The song was covered in 2004 by Shannon Noll, a runner-up of Australian Idol. It was released as the third single from his debut album, That's What I'm Talking About. The single was promoted as a strictly limited edition release of 40,000 copies, all of which were sold during its 13-week chart run. In July 2004, it debuted at number one on the Australia ARIA singles chart and is certified gold by ARIA with sales of over 35,000. Noll often mentioned that "Learn to Fly" was his favourite track from his debut album, and dedicated the performance of the track to his late father during the Up Close with Shannon Noll television special.

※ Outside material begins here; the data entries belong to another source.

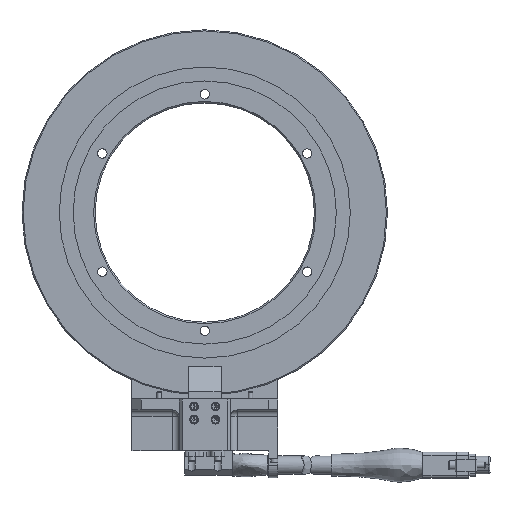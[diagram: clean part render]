
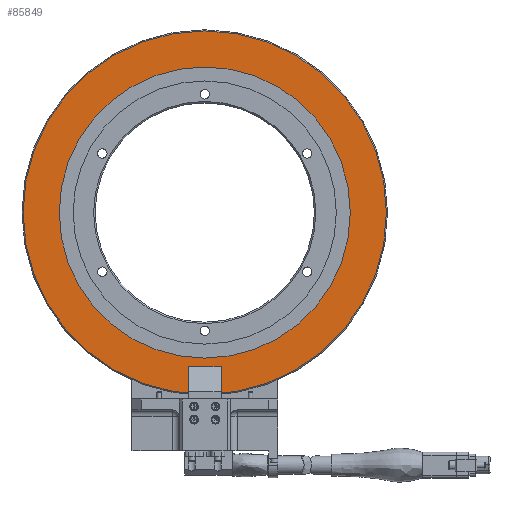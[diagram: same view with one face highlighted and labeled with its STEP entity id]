
A CAD part, front view. The second image highlights one B-rep face of the part: STEP entity #85849.
In plain terms, the highlighted planar face has unit normal (0, -1, 0).
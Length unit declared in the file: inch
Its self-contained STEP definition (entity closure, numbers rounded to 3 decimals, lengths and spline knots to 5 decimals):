
#1584 = VERTEX_POINT ( 'NONE', #8943 ) ;
#8250 = CARTESIAN_POINT ( 'NONE',  ( 0., 0.088, 0. ) ) ;
#8943 = CARTESIAN_POINT ( 'NONE',  ( 0., 0.088, 1.991 ) ) ;
#10250 = ORIENTED_EDGE ( 'NONE', *, *, #34345, .T. ) ;
#12008 = EDGE_CURVE ( 'NONE', #71015, #71015, #90950, .T. ) ;
#18867 = DIRECTION ( 'NONE',  ( 0., 1., 0. ) ) ;
#30164 = ORIENTED_EDGE ( 'NONE', *, *, #12008, .T. ) ;
#31707 = CARTESIAN_POINT ( 'NONE',  ( 0., 0.088, 0. ) ) ;
#34345 = EDGE_CURVE ( 'NONE', #1584, #1584, #61208, .T. ) ;
#36145 = CARTESIAN_POINT ( 'NONE',  ( 2.485, 0.088, 0. ) ) ;
#39845 = AXIS2_PLACEMENT_3D ( 'NONE', #31707, #18867, #54124 ) ;
#43777 = EDGE_LOOP ( 'NONE', ( #10250 ) ) ;
#49074 = CARTESIAN_POINT ( 'NONE',  ( 0., 0.088, 0. ) ) ;
#54124 = DIRECTION ( 'NONE',  ( 1., 0., 0. ) ) ;
#61208 = CIRCLE ( 'NONE', #67099, 1.991 ) ;
#64210 = DIRECTION ( 'NONE',  ( 1., 0., 0. ) ) ;
#65122 = DIRECTION ( 'NONE',  ( 0., 0., 1. ) ) ;
#66000 = AXIS2_PLACEMENT_3D ( 'NONE', #8250, #70631, #64210 ) ;
#67099 = AXIS2_PLACEMENT_3D ( 'NONE', #49074, #70189, #65122 ) ;
#70189 = DIRECTION ( 'NONE',  ( 0., 1., 0. ) ) ;
#70631 = DIRECTION ( 'NONE',  ( 0., -1., 0. ) ) ;
#71015 = VERTEX_POINT ( 'NONE', #36145 ) ;
#81329 = FACE_BOUND ( 'NONE', #43777, .T. ) ;
#81780 = PLANE ( 'NONE',  #39845 ) ;
#85849 = ADVANCED_FACE ( 'NONE', ( #87338, #81329 ), #81780, .F. ) ;
#87338 = FACE_OUTER_BOUND ( 'NONE', #87383, .T. ) ;
#87383 = EDGE_LOOP ( 'NONE', ( #30164 ) ) ;
#90950 = CIRCLE ( 'NONE', #66000, 2.485 ) ;
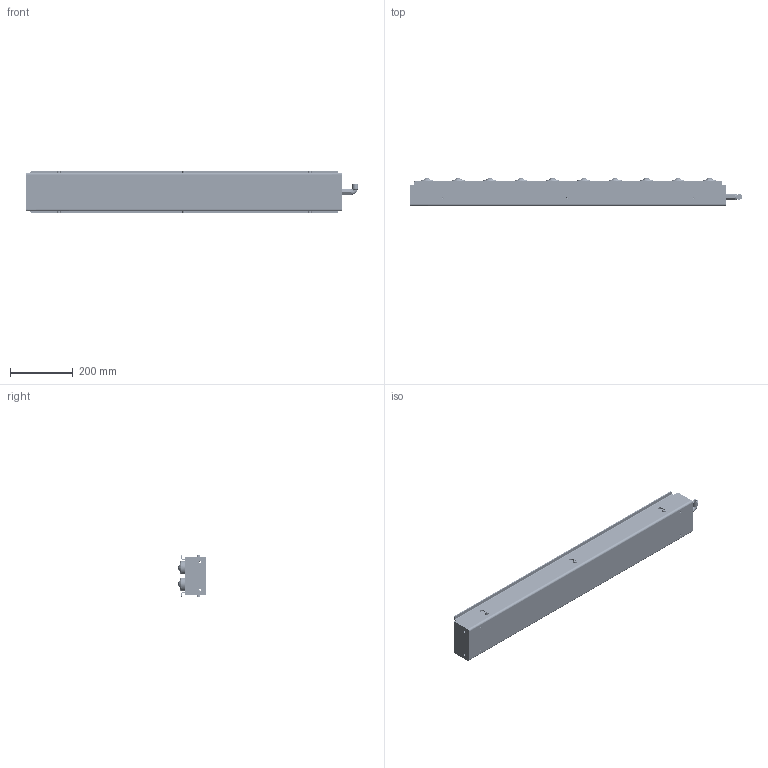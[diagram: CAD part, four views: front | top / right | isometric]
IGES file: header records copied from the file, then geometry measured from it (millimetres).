
Start section: 3D InterOp IGES (Version 21 0 2), Spatial Corp. Copyright (c) 1999-2007.
Global section: file name: ALB-BB1008_L.igs; native system: Spatial Corp.; preprocessor: 3D InterOp GENERIC/IGES 3.0; author: Noname; organization: Noname; date: 20130319.171724; units: millimetre
Bounding box: 1058 x 90 x 135 mm (x, y, z)
Surface area: 1493447.6 mm2 (no closed solid volume)
Topology: 0 solids, 0 shells, 1376 faces, 13946 edges, 13934 vertices
Faces by surface type: bspline 1376
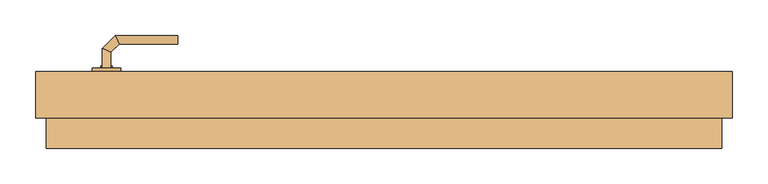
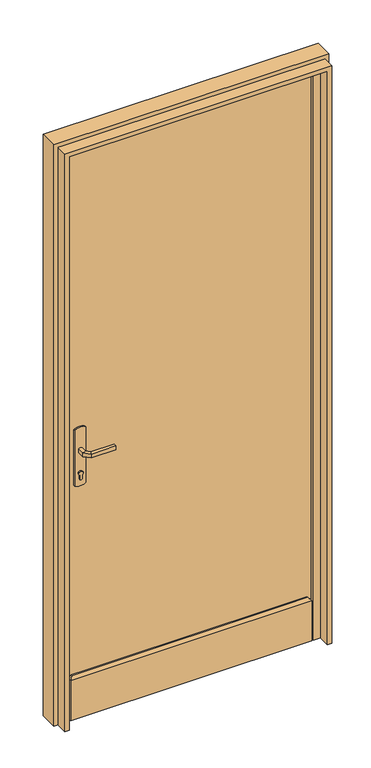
"""IFC4 building model written with IfcOpenShell, lengths in millimetres: door geometry, Porte d'entrée : PP Lisse (0.90 m x 2.15 m)."""

from ifc_helpers import new_model, si_unit, point, frame, frame_2d, origin, origin_with_axes, place, context, project, spatial, polyline, circle_curve, ellipse_curve, trimmed, segment, composite_curve, outline, extrude, faceted_brep, source, transform, mapped, element, save
from ifc_brep_helpers import plane_surface, cylinder_surface, advanced_brep


def door_064d3271(model_context):
    return source(origin(), model_context, "Body", "SolidModel", [
        extrude(outline(composite_curve([segment(trimmed(circle_curve(frame_2d((904.6410162, -400.0)), 40.0), [point((870.0, -420.0))], [point((870.0, -380.0))], False, "CARTESIAN"), True, "CONTINUOUS"), segment(polyline([(870.0, -380.0), (1080.0, -380.0)]), True, "CONTINUOUS"), segment(trimmed(circle_curve(frame_2d((1045.3589838, -400.0)), 40.0), [point((1080.0, -380.0))], [point((1080.0, -420.0))], False, "CARTESIAN"), True, "CONTINUOUS"), segment(polyline([(1080.0, -420.0), (870.0, -420.0)]), True, "CONTINUOUS")], self_intersect=False)), frame((0.0, 198.0, 0.0), z_axis=(0.0, 1.0, 0.0), x_axis=(0.0, 0.0, 1.0)), (0.0, 0.0, 1.0), 5.0),
        extrude(outline(composite_curve([segment(trimmed(circle_curve(frame_2d((1045.3589838, -400.0)), 40.0), [point((1080.0, -380.0))], [point((1080.0, -420.0))], False, "CARTESIAN"), True, "CONTINUOUS"), segment(polyline([(1080.0, -420.0), (870.0, -420.0)]), True, "CONTINUOUS"), segment(trimmed(circle_curve(frame_2d((904.6410162, -400.0)), 40.0), [point((870.0, -420.0))], [point((870.0, -380.0))], False, "CARTESIAN"), True, "CONTINUOUS"), segment(polyline([(870.0, -380.0), (1080.0, -380.0)]), True, "CONTINUOUS")], self_intersect=False)), frame((0.0, 143.0, 0.0), z_axis=(0.0, 1.0, 0.0), x_axis=(0.0, 0.0, 1.0)), (0.0, 0.0, 1.0), 5.0),
        advanced_brep(
        [(-406.0, 203.0, 1007.0), (-406.0, 203.0, 993.0), (-394.0, 203.0, 993.0), (-394.0, 203.0, 1007.0), (-394.0, 225.680388, 1007.0), (-406.0, 230.6509507, 1007.0), (-394.0, 225.680388, 993.0), (-406.0, 230.6509507, 993.0), (-382.6522273, 237.0281607, 1007.0), (-387.62279, 249.0281607, 1007.0), (-382.6522273, 237.0281607, 993.0), (-387.62279, 249.0281607, 993.0), (-299.9813594, 249.0281607, 1007.0), (-299.9813594, 237.0281607, 1007.0), (-299.9813594, 237.0281607, 993.0), (-299.9813594, 249.0281607, 993.0)],
        [
            (0, 1),
            (1, 2, circle_curve(frame((-400.0, 203.0, 1013.0457722), z_axis=(0.0, -1.0, 0.0), x_axis=(1.0, 0.0, 0.0)), 20.9244589)),
            (2, 3),
            (3, 0, circle_curve(frame((-400.0, 203.0, 986.9542278), z_axis=(0.0, -1.0, 0.0), x_axis=(1.0, 0.0, 0.0)), 20.9244589)),
            (3, 4),
            (4, 5, ellipse_curve(frame((-400.0, 228.1656693, 986.9542278), z_axis=(-0.3826834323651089, -0.9238795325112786, 0.0), x_axis=(0.9238795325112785, -0.3826834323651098, 0.0)), 22.6484711, 20.9244589)),
            (5, 0),
            (2, 6),
            (6, 4),
            (1, 7),
            (7, 6, ellipse_curve(frame((-400.0, 228.1656693, 1013.0457722), z_axis=(-0.3826834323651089, -0.9238795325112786, 0.0), x_axis=(0.9238795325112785, -0.3826834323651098, 0.0)), 22.6484711, 20.9244589)),
            (5, 7),
            (4, 8),
            (8, 9, ellipse_curve(frame((-385.1375087, 243.0281607, 986.9542278), z_axis=(-0.9238795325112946, -0.38268343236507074, 0.0), x_axis=(0.3826834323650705, -0.9238795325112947, 0.0)), 22.6484711, 20.9244589)),
            (9, 5),
            (6, 10),
            (10, 8),
            (7, 11),
            (11, 10, ellipse_curve(frame((-385.1375087, 243.0281607, 1013.0457722), z_axis=(-0.9238795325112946, -0.38268343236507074, 0.0), x_axis=(0.3826834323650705, -0.9238795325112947, 0.0)), 22.6484711, 20.9244589)),
            (9, 11),
            (12, 13, circle_curve(frame((-299.9813594, 243.0281607, 986.9542278), z_axis=(1.0, 0.0, 0.0), x_axis=(0.0, -1.0, 0.0)), 20.9244589)),
            (13, 14),
            (14, 15, circle_curve(frame((-299.9813594, 243.0281607, 1013.0457722), z_axis=(1.0, 0.0, 0.0), x_axis=(0.0, -1.0, 0.0)), 20.9244589)),
            (15, 12),
            (8, 13),
            (12, 9),
            (10, 14),
            (11, 15),
        ],
        [
            plane_surface(frame((-409.2195445, 203.0, 1000.0), z_axis=(0.0, -1.0, 0.0), x_axis=(0.0, 0.0, -1.0))),
            cylinder_surface(frame((-400.0, 203.0, 986.9542278), z_axis=(0.0, -1.0, 0.0), x_axis=(1.0, 0.0, 0.0)), 20.9244589),
            plane_surface(frame((-394.0, 203.0, 1007.0), z_axis=(1.0, 0.0, 0.0), x_axis=(0.0, 1.0, 0.0))),
            cylinder_surface(frame((-400.0, 203.0, 1013.0457722), z_axis=(0.0, -1.0, 0.0), x_axis=(1.0, 0.0, 0.0)), 20.9244589),
            plane_surface(frame((-406.0, 203.0, 993.0), z_axis=(-1.0, 0.0, 0.0), x_axis=(0.0, 1.0, 0.0))),
            cylinder_surface(frame((-400.0, 228.1656693, 986.9542278), z_axis=(-0.7071067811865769, -0.7071067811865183, 0.0), x_axis=(0.7071067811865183, -0.7071067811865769, 0.0)), 20.9244589),
            plane_surface(frame((-394.0, 225.680388, 1007.0), z_axis=(0.7071067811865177, -0.7071067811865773, 0.0), x_axis=(0.7071067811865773, 0.7071067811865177, 0.0))),
            cylinder_surface(frame((-400.0, 228.1656693, 1013.0457722), z_axis=(-0.7071067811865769, -0.7071067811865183, 0.0), x_axis=(0.7071067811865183, -0.7071067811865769, 0.0)), 20.9244589),
            plane_surface(frame((-406.0, 230.6509507, 993.0), z_axis=(-0.7071067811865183, 0.7071067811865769, 0.0), x_axis=(0.7071067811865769, 0.7071067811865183, 0.0))),
            plane_surface(frame((-299.9813594, 243.0281607, 990.7804555), z_axis=(1.0, 0.0, 0.0), x_axis=(0.0, -1.0, 0.0))),
            cylinder_surface(frame((-385.1375087, 243.0281607, 986.9542278), z_axis=(-1.0, 0.0, 0.0), x_axis=(0.0, -1.0, 0.0)), 20.9244589),
            plane_surface(frame((-382.6522273, 237.0281607, 1007.0), z_axis=(0.0, -1.0, 0.0), x_axis=(1.0, 0.0, 0.0))),
            cylinder_surface(frame((-385.1375087, 243.0281607, 1013.0457722), z_axis=(-1.0, 0.0, 0.0), x_axis=(0.0, -1.0, 0.0)), 20.9244589),
            plane_surface(frame((-387.62279, 249.0281607, 993.0), z_axis=(0.0, 1.0, 0.0), x_axis=(1.0, 0.0, 0.0))),
        ],
        [
            (0, [[1, 2, 3, 4]]),
            (1, [[5, 6, 7, -4]]),
            (2, [[8, 9, -5, -3]]),
            (3, [[10, 11, -8, -2]]),
            (4, [[-7, 12, -10, -1]]),
            (5, [[13, 14, 15, -6]]),
            (6, [[16, 17, -13, -9]]),
            (7, [[18, 19, -16, -11]]),
            (8, [[-15, 20, -18, -12]]),
            (9, [[21, 22, 23, 24]]),
            (10, [[25, -21, 26, -14]]),
            (11, [[27, -22, -25, -17]]),
            (12, [[28, -23, -27, -19]]),
            (13, [[-26, -24, -28, -20]]),
        ],
    ),
        advanced_brep(
        [(-394.0, 143.0, 993.0), (-406.0, 143.0, 993.0), (-406.0, 143.0, 1007.0), (-394.0, 143.0, 1007.0), (-394.0, 120.5147955, 1007.0), (-394.0, 120.5147955, 993.0), (-406.0, 115.5442327, 1007.0), (-406.0, 115.5442327, 993.0), (-382.5147186, 109.0295141, 1007.0), (-382.5147186, 109.0295141, 993.0), (-387.4852814, 97.0295141, 1007.0), (-387.4852814, 97.0295141, 993.0), (-299.9542164, 109.0295141, 993.0), (-299.9542164, 109.0295141, 1007.0), (-299.9542164, 97.0295141, 1007.0), (-299.9542164, 97.0295141, 993.0)],
        [
            (0, 1, circle_curve(frame((-400.0, 143.0, 1013.0457722), z_axis=(0.0, 1.0, 0.0), x_axis=(-1.0, 0.0, 0.0)), 20.9244589)),
            (1, 2),
            (2, 3, circle_curve(frame((-400.0, 143.0, 986.9542278), z_axis=(0.0, 1.0, 0.0), x_axis=(-1.0, 0.0, 0.0)), 20.9244589)),
            (3, 0),
            (3, 4),
            (4, 5),
            (5, 0),
            (2, 6),
            (6, 4, ellipse_curve(frame((-400.0, 118.0295141, 986.9542278), z_axis=(-0.3826834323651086, 0.923879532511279, 0.0), x_axis=(0.9238795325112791, 0.3826834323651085, 0.0)), 22.6484711, 20.9244589)),
            (1, 7),
            (7, 6),
            (5, 7, ellipse_curve(frame((-400.0, 118.0295141, 1013.0457722), z_axis=(-0.3826834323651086, 0.923879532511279, 0.0), x_axis=(0.9238795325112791, 0.3826834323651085, 0.0)), 22.6484711, 20.9244589)),
            (4, 8),
            (8, 9),
            (9, 5),
            (6, 10),
            (10, 8, ellipse_curve(frame((-385.0, 103.0295141, 986.9542278), z_axis=(-0.9238795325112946, 0.38268343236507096, 0.0), x_axis=(0.3826834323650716, 0.9238795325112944, 0.0)), 22.6484711, 20.9244589)),
            (7, 11),
            (11, 10),
            (9, 11, ellipse_curve(frame((-385.0, 103.0295141, 1013.0457722), z_axis=(-0.9238795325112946, 0.38268343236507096, 0.0), x_axis=(0.3826834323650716, 0.9238795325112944, 0.0)), 22.6484711, 20.9244589)),
            (12, 13),
            (13, 14, circle_curve(frame((-299.9542164, 103.0295141, 986.9542278), z_axis=(1.0, 0.0, 0.0), x_axis=(0.0, -1.0, 0.0)), 20.9244589)),
            (14, 15),
            (15, 12, circle_curve(frame((-299.9542164, 103.0295141, 1013.0457722), z_axis=(1.0, 0.0, 0.0), x_axis=(0.0, -1.0, 0.0)), 20.9244589)),
            (8, 13),
            (12, 9),
            (10, 14),
            (11, 15),
        ],
        [
            plane_surface(frame((-409.2195445, 143.0, 1000.0), z_axis=(0.0, 1.0, 0.0), x_axis=(0.0, 0.0, 1.0))),
            plane_surface(frame((-394.0, 143.0, 993.0), z_axis=(1.0, 0.0, 0.0), x_axis=(0.0, -1.0, 0.0))),
            cylinder_surface(frame((-400.0, 143.0, 986.9542278), z_axis=(0.0, 1.0, 0.0), x_axis=(-1.0, 0.0, 0.0)), 20.9244589),
            plane_surface(frame((-406.0, 143.0, 1007.0), z_axis=(-1.0, 0.0, 0.0), x_axis=(0.0, -1.0, 0.0))),
            cylinder_surface(frame((-400.0, 143.0, 1013.0457722), z_axis=(0.0, 1.0, 0.0), x_axis=(-1.0, 0.0, 0.0)), 20.9244589),
            plane_surface(frame((-394.0, 120.5147955, 993.0), z_axis=(0.7071067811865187, 0.7071067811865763, 0.0), x_axis=(0.7071067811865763, -0.7071067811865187, 0.0))),
            cylinder_surface(frame((-400.0, 118.0295141, 986.9542278), z_axis=(-0.7071067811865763, 0.7071067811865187, 0.0), x_axis=(-0.7071067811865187, -0.7071067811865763, 0.0)), 20.9244589),
            plane_surface(frame((-406.0, 115.5442327, 1007.0), z_axis=(-0.7071067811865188, -0.7071067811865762, 0.0), x_axis=(0.7071067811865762, -0.7071067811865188, 0.0))),
            cylinder_surface(frame((-400.0, 118.0295141, 1013.0457722), z_axis=(-0.7071067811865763, 0.7071067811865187, 0.0), x_axis=(-0.7071067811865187, -0.7071067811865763, 0.0)), 20.9244589),
            plane_surface(frame((-299.9542164, 103.0295141, 990.7804555), z_axis=(1.0, 0.0, 0.0), x_axis=(0.0, -1.0, 0.0))),
            plane_surface(frame((-382.5147186, 109.0295141, 993.0), z_axis=(0.0, 1.0, 0.0), x_axis=(1.0, 0.0, 0.0))),
            cylinder_surface(frame((-385.0, 103.0295141, 986.9542278), z_axis=(-1.0, 0.0, 0.0), x_axis=(0.0, -1.0, 0.0)), 20.9244589),
            plane_surface(frame((-387.4852814, 97.0295141, 1007.0), z_axis=(0.0, -1.0, 0.0), x_axis=(1.0, 0.0, 0.0))),
            cylinder_surface(frame((-385.0, 103.0295141, 1013.0457722), z_axis=(-1.0, 0.0, 0.0), x_axis=(0.0, -1.0, 0.0)), 20.9244589),
        ],
        [
            (0, [[1, 2, 3, 4]]),
            (1, [[5, 6, 7, -4]]),
            (2, [[8, 9, -5, -3]]),
            (3, [[10, 11, -8, -2]]),
            (4, [[-7, 12, -10, -1]]),
            (5, [[13, 14, 15, -6]]),
            (6, [[16, 17, -13, -9]]),
            (7, [[18, 19, -16, -11]]),
            (8, [[-15, 20, -18, -12]]),
            (9, [[21, 22, 23, 24]]),
            (10, [[25, -21, 26, -14]]),
            (11, [[27, -22, -25, -17]]),
            (12, [[28, -23, -27, -19]]),
            (13, [[-26, -24, -28, -20]]),
        ],
    ),
        extrude(outline(composite_curve([segment(polyline([(908.0464422, -405.0), (895.0, -405.0)]), True, "CONTINUOUS"), segment(trimmed(circle_curve(frame_2d((895.0, -400.0)), 5.0), [point((895.0, -405.0))], [point((895.0, -395.0))], False, "CARTESIAN"), True, "CONTINUOUS"), segment(polyline([(895.0, -395.0), (908.0464422, -395.0)]), True, "CONTINUOUS"), segment(trimmed(circle_curve(frame_2d((914.2914402, -400.0)), 8.0), [point((908.0464422, -395.0))], [point((908.0464422, -405.0))], False, "CARTESIAN"), True, "CONTINUOUS")], self_intersect=False)), frame((0.0, 203.0, 0.0), z_axis=(0.0, 1.0, 0.0), x_axis=(0.0, 0.0, 1.0)), (0.0, 0.0, 1.0), 3.0),
        extrude(outline(composite_curve([segment(polyline([(908.0464422, -405.0), (895.0, -405.0)]), True, "CONTINUOUS"), segment(trimmed(circle_curve(frame_2d((895.0, -400.0)), 5.0), [point((895.0, -405.0))], [point((895.0, -395.0))], False, "CARTESIAN"), True, "CONTINUOUS"), segment(polyline([(895.0, -395.0), (908.0464422, -395.0)]), True, "CONTINUOUS"), segment(trimmed(circle_curve(frame_2d((914.2914402, -400.0)), 8.0), [point((908.0464422, -395.0))], [point((908.0464422, -405.0))], False, "CARTESIAN"), True, "CONTINUOUS")], self_intersect=False)), frame((0.0, 138.0, 0.0), z_axis=(0.0, 1.0, 0.0), x_axis=(0.0, 0.0, 1.0)), (0.0, 0.0, 1.0), 5.0),
        extrude(outline(polyline([(440.0, 198.0), (440.0, 148.0), (-460.0, 148.0), (-460.0, 198.0), (440.0, 198.0)])), origin_with_axes(), (0.0, 0.0, 1.0), 2150.0),
        faceted_brep([(-440.0, 148.0, 0.0), (-440.0, 148.0, 150.0), (-430.0, 148.0, 160.0), (410.0, 148.0, 160.0), (420.0, 148.0, 150.0), (420.0, 148.0, 0.0), (420.0, 133.0, 0.0), (420.0, 133.0, 150.0), (-440.0, 133.0, 150.0), (-440.0, 133.0, 0.0), (-430.0, 143.0, 160.0), (410.0, 143.0, 160.0)], [[[0, 1, 2, 3, 4, 5]], [[6, 7, 8, 9]], [[9, 8, 1, 0]], [[5, 6, 9, 0]], [[5, 4, 7, 6]], [[2, 10, 11, 3]], [[7, 4, 3, 11]], [[11, 10, 8, 7]], [[10, 2, 1, 8]]]),
        faceted_brep([(-500.0, 133.0, 0.0), (-500.0, 198.0, 0.0), (-460.0, 198.0, 0.0), (-460.0, 148.0, 0.0), (-445.0, 148.0, 0.0), (-445.0, 133.0, 0.0), (-445.0, 133.0, 2135.0), (425.0, 133.0, 2135.0), (425.0, 133.0, 0.0), (480.0, 133.0, 0.0), (480.0, 133.0, 2190.0), (-500.0, 133.0, 2190.0), (-445.0, 148.0, 2135.0), (-460.0, 148.0, 2150.0), (440.0, 148.0, 2150.0), (440.0, 148.0, 0.0), (425.0, 148.0, 0.0), (425.0, 148.0, 2135.0), (-460.0, 198.0, 2150.0), (-500.0, 198.0, 2190.0), (480.0, 198.0, 2190.0), (480.0, 198.0, 0.0), (440.0, 198.0, 0.0), (440.0, 198.0, 2150.0)], [[[0, 1, 2, 3, 4, 5]], [[5, 6, 7, 8, 9, 10, 11, 0]], [[4, 12, 6, 5]], [[3, 13, 14, 15, 16, 17, 12, 4]], [[2, 18, 13, 3]], [[1, 19, 20, 21, 22, 23, 18, 2]], [[0, 11, 19, 1]], [[10, 9, 21, 20]], [[9, 8, 16, 15, 22, 21]], [[17, 16, 8, 7]], [[23, 22, 15, 14]], [[12, 17, 7, 6]], [[18, 23, 14, 13]], [[11, 10, 20, 19]]]),
        extrude(outline(polyline([(0.0, -470.0), (2160.0, -470.0), (2160.0, 450.0), (0.0, 450.0), (0.0, 465.0), (2175.0, 465.0), (2175.0, -485.0), (0.0, -485.0), (0.0, -470.0)])), frame((0.0, 90.0, 0.0), z_axis=(0.0, 1.0, 0.0), x_axis=(0.0, 0.0, 1.0)), (0.0, 0.0, 1.0), 43.0),
    ])


if __name__ == "__main__":
    model = new_model("IFC4")
    model_context = context("Model", 3, world=origin())
    ifc_project = project(units=[si_unit("LENGTHUNIT", "METRE", prefix="MILLI")], contexts=[model_context])
    site = spatial("IfcSite", under=ifc_project)
    building = spatial("IfcBuilding", under=site)
    placement = place(None, origin())
    door_shape = door_064d3271(model_context)
    element("IfcDoor", 1, ObjectType="Porte d'entrée : PP Lisse (0.90 m x 2.15 m)", at=placement, inside=building, context=model_context, shape_type="MappedRepresentation", body=[
        mapped(door_shape, transform((0.0, 0.0, 0.0), x_axis=(1.0, 0.0, 0.0), y_axis=(0.0, 1.0, 0.0), z_axis=(0.0, 0.0, 1.0))),
    ])
    save(model, "model.ifc")

The single release includes two previously unreleased B-sides, one being a cover of the Southern Sons 1991 hit "Hold Me in Your Arms" (the song with which Noll auditioned for Australian Idol) and the other being a cover of the Michael Jackson hit "Gone Too Soon". Noll performed "Gone Too Soon" to a tearful audience during the broadcast of the 2004 Allan Border Medal as a tribute to Australian cricketer David Hookes, who was killed during an altercation at a Melbourne bar several months earlier.

===Music video===
The video, directed by Ryan Renshaw, was the fourth music video from Shannon Noll. The video contains scenes from a live performance Noll undertook at the venue "Seagulls" in Tweed Heads. The non-performance sequences of the video were filmed over a two-night period in Brisbane, Australia. The video begins with Shannon leaving a venue after finishing a live performance. As he leaves the venue out the back entrance, he is set upon by a group of paparazzi which he evades and he runs to catch a taxi to the train station to travel back home. The video was popular with fans as it was the first video in which Shannon plays a character, rather than only performing the track for the camera.

===Track listing===
Australian CD single
1. "Learn to Fly" – 4:11
2. "Gone Too Soon" (Larry Grossman, Buz Kohan) – 3:41
3. "Hold Me in Your Arms" (Phil Buckle) – 4:03

===Charts===

====Weekly charts====

| Chart (2004) | Peak position |
|---|---|
| Australia (ARIA) | 1 |

====Year-end charts====

| Chart (2004) | Position |
|---|---|
| Australia (ARIA) | 68 |

===Certifications===

| Region | Certification | Certified units/sales |
| Australia (ARIA) | Gold | 35,000^{^} |
^{^} Shipments figures based on certification alone.